──────── Input data ────────

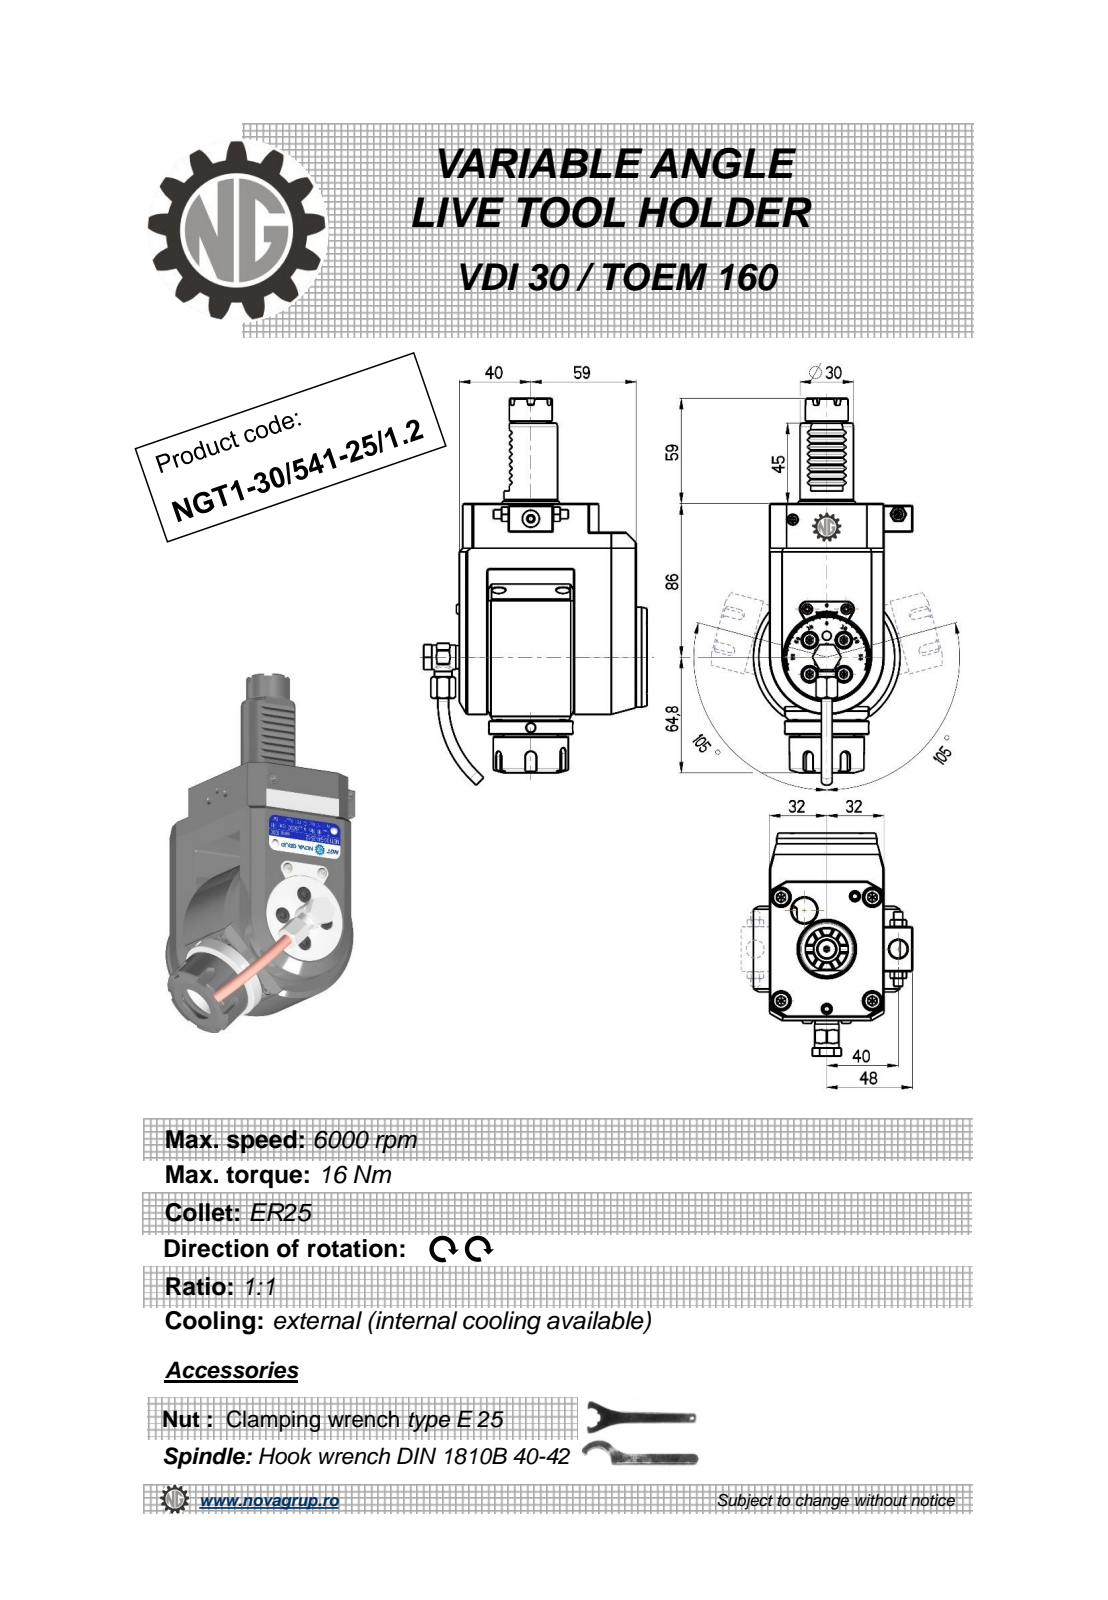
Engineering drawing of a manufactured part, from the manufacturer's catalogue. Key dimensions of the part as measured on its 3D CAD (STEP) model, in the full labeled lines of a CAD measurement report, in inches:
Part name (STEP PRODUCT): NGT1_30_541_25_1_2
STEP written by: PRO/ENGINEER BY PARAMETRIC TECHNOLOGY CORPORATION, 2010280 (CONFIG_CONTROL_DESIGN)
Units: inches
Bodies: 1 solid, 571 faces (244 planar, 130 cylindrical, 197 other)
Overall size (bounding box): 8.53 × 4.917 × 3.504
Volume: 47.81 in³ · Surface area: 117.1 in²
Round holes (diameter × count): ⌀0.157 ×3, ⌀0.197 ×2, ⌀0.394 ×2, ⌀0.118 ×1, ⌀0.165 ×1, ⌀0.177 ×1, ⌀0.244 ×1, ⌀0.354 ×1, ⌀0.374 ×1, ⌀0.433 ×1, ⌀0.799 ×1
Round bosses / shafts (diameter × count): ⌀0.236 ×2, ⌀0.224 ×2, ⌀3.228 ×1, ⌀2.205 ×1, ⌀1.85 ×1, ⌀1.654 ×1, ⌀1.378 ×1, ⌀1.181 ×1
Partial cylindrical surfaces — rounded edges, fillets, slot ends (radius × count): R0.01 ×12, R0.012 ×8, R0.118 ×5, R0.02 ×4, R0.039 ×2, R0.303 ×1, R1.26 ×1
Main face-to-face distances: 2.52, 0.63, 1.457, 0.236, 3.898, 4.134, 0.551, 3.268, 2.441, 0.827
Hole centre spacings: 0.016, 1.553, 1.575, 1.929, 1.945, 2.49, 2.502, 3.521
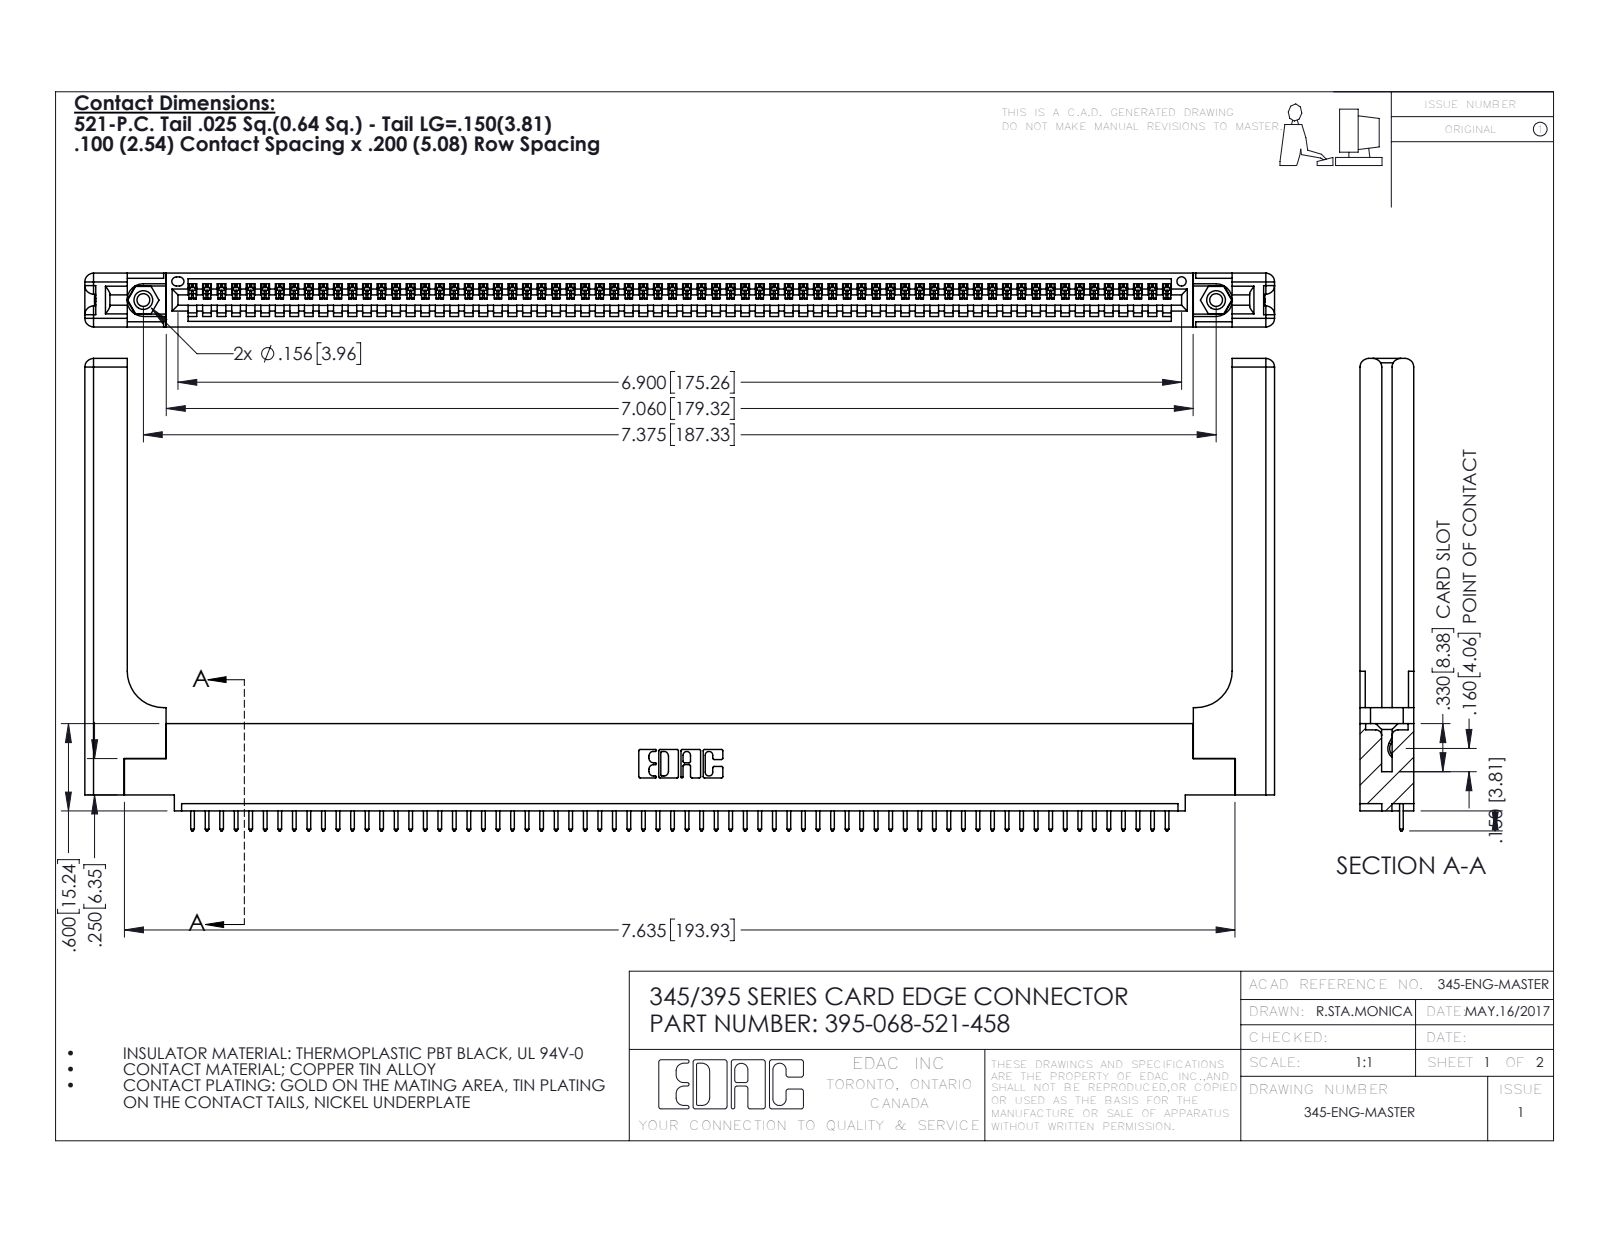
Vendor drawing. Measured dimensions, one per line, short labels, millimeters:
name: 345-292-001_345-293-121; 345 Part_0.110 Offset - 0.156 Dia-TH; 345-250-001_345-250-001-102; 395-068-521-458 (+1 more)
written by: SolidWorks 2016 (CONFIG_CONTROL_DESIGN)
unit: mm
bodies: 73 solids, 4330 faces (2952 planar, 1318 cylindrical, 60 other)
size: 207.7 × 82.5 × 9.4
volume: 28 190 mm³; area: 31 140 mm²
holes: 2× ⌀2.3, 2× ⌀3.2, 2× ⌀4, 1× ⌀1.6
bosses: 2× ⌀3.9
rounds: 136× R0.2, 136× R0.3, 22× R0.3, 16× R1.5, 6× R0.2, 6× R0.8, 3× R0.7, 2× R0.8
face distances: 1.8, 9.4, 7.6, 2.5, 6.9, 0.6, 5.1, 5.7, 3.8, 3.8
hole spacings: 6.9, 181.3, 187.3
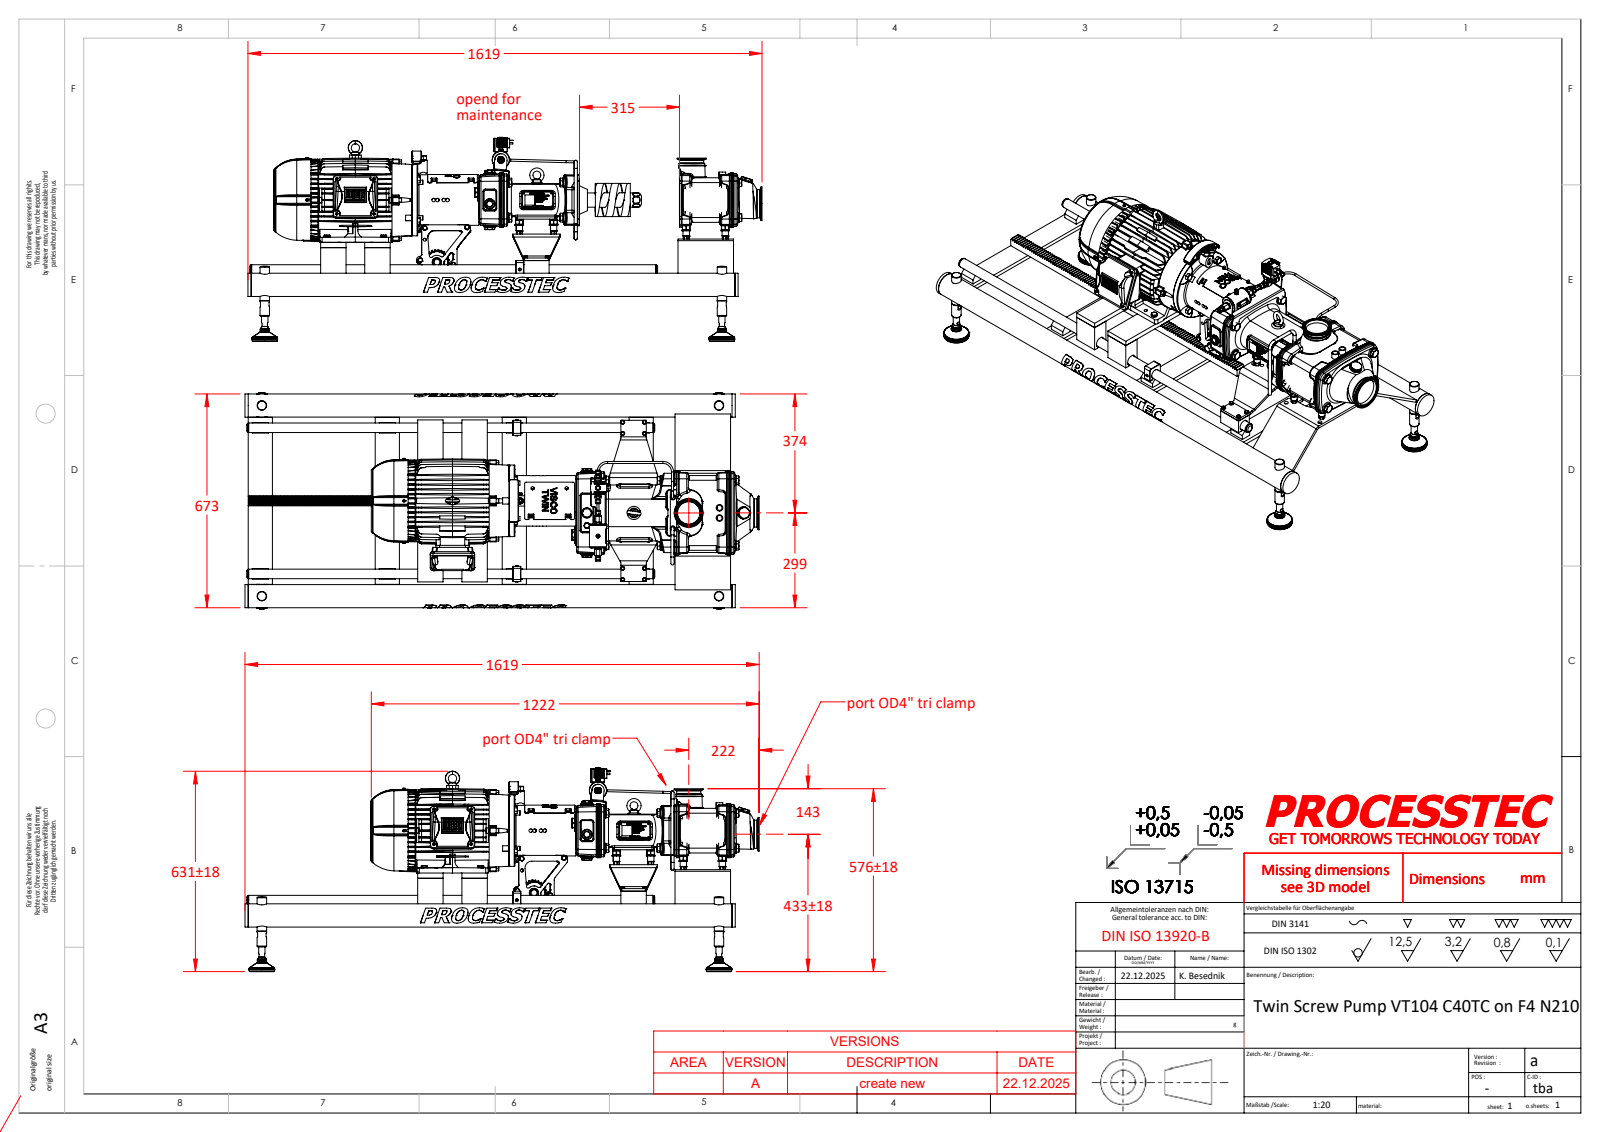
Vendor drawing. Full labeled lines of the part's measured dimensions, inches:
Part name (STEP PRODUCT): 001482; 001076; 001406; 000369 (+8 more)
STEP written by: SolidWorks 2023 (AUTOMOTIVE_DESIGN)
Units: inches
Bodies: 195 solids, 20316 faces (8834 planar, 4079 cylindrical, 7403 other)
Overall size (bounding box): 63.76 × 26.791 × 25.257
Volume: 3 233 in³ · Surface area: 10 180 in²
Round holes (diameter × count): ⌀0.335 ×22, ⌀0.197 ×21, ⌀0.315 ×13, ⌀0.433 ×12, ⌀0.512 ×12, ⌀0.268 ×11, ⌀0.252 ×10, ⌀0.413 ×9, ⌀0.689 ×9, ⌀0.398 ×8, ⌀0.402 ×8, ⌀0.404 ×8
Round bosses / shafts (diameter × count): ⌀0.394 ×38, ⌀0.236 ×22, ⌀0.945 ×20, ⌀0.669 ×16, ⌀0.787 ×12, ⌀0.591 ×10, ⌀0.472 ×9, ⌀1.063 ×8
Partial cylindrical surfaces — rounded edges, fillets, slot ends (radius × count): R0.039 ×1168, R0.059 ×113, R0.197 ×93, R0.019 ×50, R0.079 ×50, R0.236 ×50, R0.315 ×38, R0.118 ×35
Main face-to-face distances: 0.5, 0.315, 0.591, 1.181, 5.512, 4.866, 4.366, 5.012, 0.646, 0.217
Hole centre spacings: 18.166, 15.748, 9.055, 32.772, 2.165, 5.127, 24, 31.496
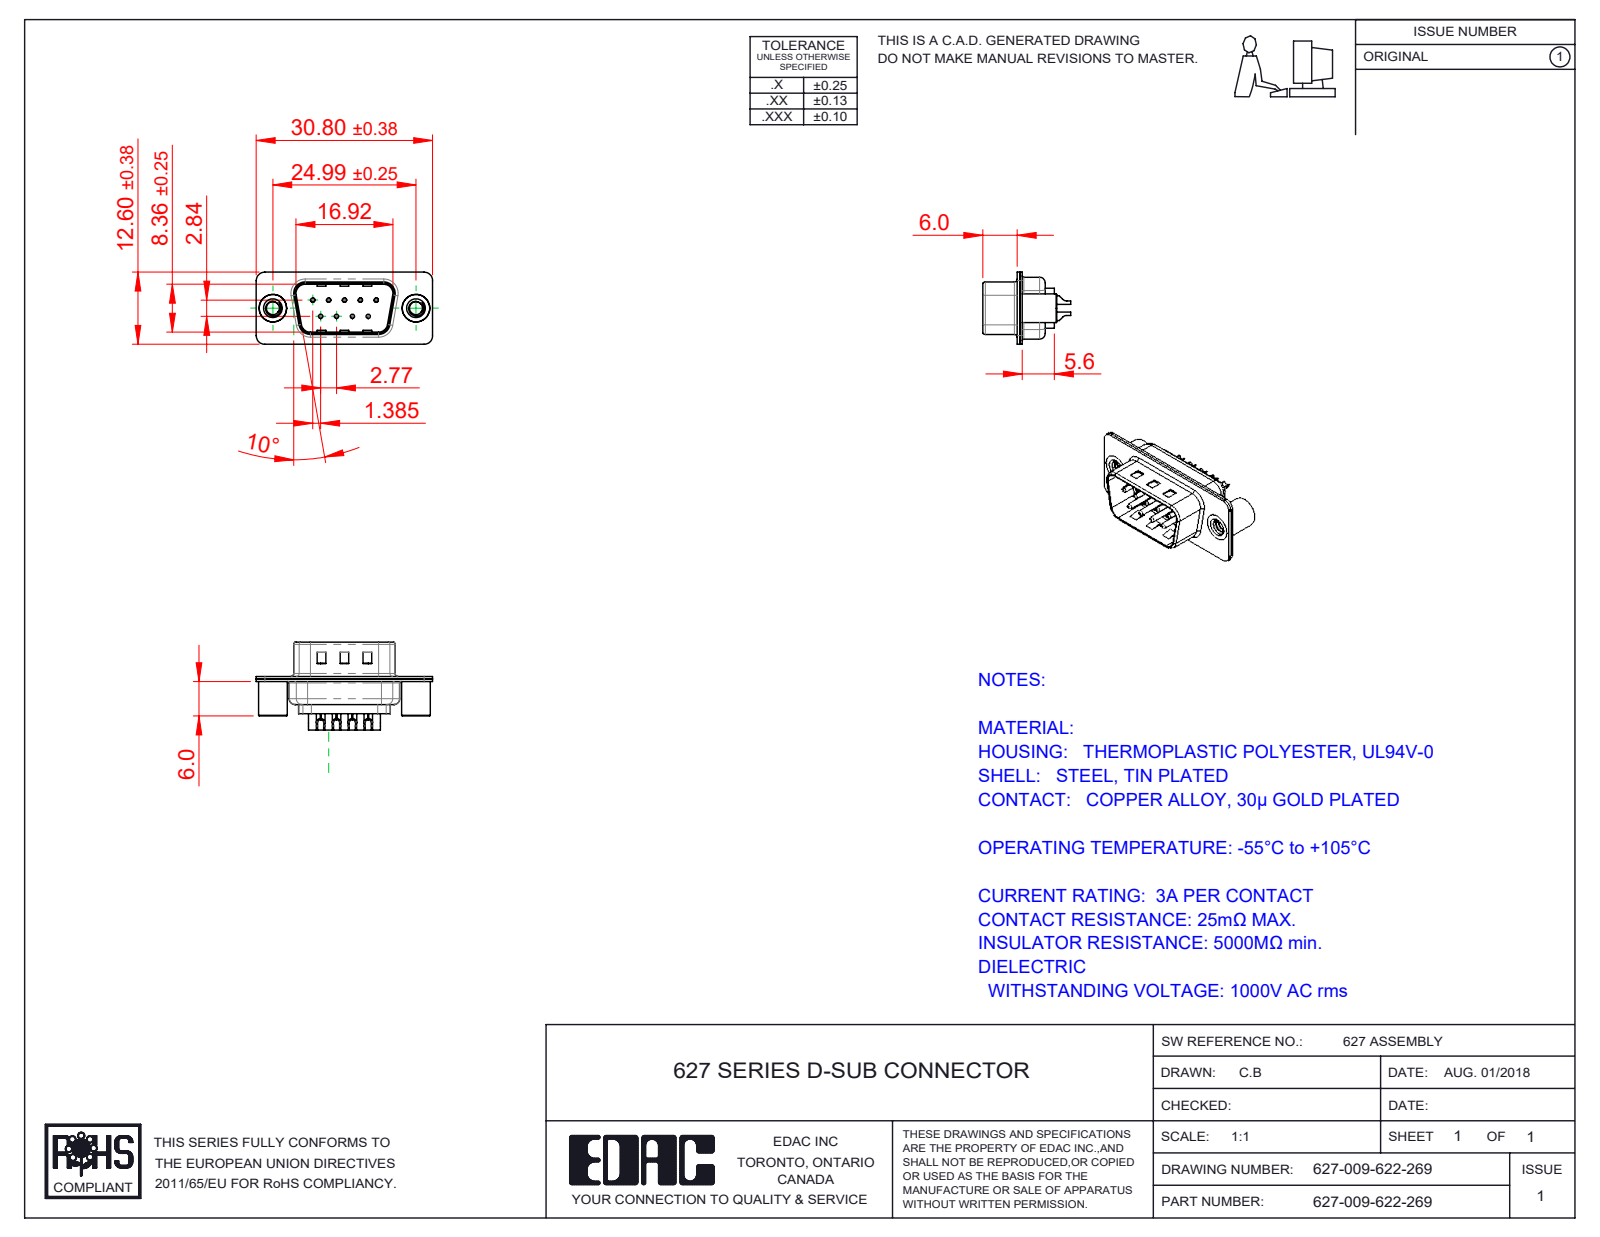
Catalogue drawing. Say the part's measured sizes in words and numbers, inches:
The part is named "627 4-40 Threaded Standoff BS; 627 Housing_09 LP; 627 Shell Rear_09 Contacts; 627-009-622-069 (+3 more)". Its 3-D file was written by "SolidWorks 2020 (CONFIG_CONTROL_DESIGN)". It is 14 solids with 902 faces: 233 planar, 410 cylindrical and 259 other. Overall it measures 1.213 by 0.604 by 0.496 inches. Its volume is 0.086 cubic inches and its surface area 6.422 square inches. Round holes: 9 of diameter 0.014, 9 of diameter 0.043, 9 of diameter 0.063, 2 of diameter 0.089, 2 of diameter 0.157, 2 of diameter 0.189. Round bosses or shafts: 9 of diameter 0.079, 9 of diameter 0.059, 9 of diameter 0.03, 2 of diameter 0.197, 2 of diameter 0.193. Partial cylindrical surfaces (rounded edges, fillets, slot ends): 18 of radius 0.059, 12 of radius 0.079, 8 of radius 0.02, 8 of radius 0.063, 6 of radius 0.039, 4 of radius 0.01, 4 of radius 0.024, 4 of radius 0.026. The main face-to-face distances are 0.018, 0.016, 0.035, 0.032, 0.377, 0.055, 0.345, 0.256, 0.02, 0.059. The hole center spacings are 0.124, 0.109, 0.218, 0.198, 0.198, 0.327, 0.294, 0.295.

────────

◆ **Action item**
Please find, in the entries above, every line where "holes" occurs, and copy it.

◆ **Answer section**
Round holes (diameter × count): ⌀0.157 ×3, ⌀0.197 ×2, ⌀0.394 ×2, ⌀0.118 ×1, ⌀0.165 ×1, ⌀0.177 ×1, ⌀0.244 ×1, ⌀0.354 ×1, ⌀0.374 ×1, ⌀0.433 ×1, ⌀0.799 ×1
holes: 2× ⌀2.3, 2× ⌀3.2, 2× ⌀4, 1× ⌀1.6
Round holes (diameter × count): ⌀0.335 ×22, ⌀0.197 ×21, ⌀0.315 ×13, ⌀0.433 ×12, ⌀0.512 ×12, ⌀0.268 ×11, ⌀0.252 ×10, ⌀0.413 ×9, ⌀0.689 ×9, ⌀0.398 ×8, ⌀0.402 ×8, ⌀0.404 ×8
The part is named "627 4-40 Threaded Standoff BS; 627 Housing_09 LP; 627 Shell Rear_09 Contacts; 627-009-622-069 (+3 more)". Its 3-D file was written by "SolidWorks 2020 (CONFIG_CONTROL_DESIGN)". It is 14 solids with 902 faces: 233 planar, 410 cylindrical and 259 other. Overall it measures 1.213 by 0.604 by 0.496 inches. Its volume is 0.086 cubic inches and its surface area 6.422 square inches. Round holes: 9 of diameter 0.014, 9 of diameter 0.043, 9 of diameter 0.063, 2 of diameter 0.089, 2 of diameter 0.157, 2 of diameter 0.189. Round bosses or shafts: 9 of diameter 0.079, 9 of diameter 0.059, 9 of diameter 0.03, 2 of diameter 0.197, 2 of diameter 0.193. Partial cylindrical surfaces (rounded edges, fillets, slot ends): 18 of radius 0.059, 12 of radius 0.079, 8 of radius 0.02, 8 of radius 0.063, 6 of radius 0.039, 4 of radius 0.01, 4 of radius 0.024, 4 of radius 0.026. The main face-to-face distances are 0.018, 0.016, 0.035, 0.032, 0.377, 0.055, 0.345, 0.256, 0.02, 0.059. The hole center spacings are 0.124, 0.109, 0.218, 0.198, 0.198, 0.327, 0.294, 0.295.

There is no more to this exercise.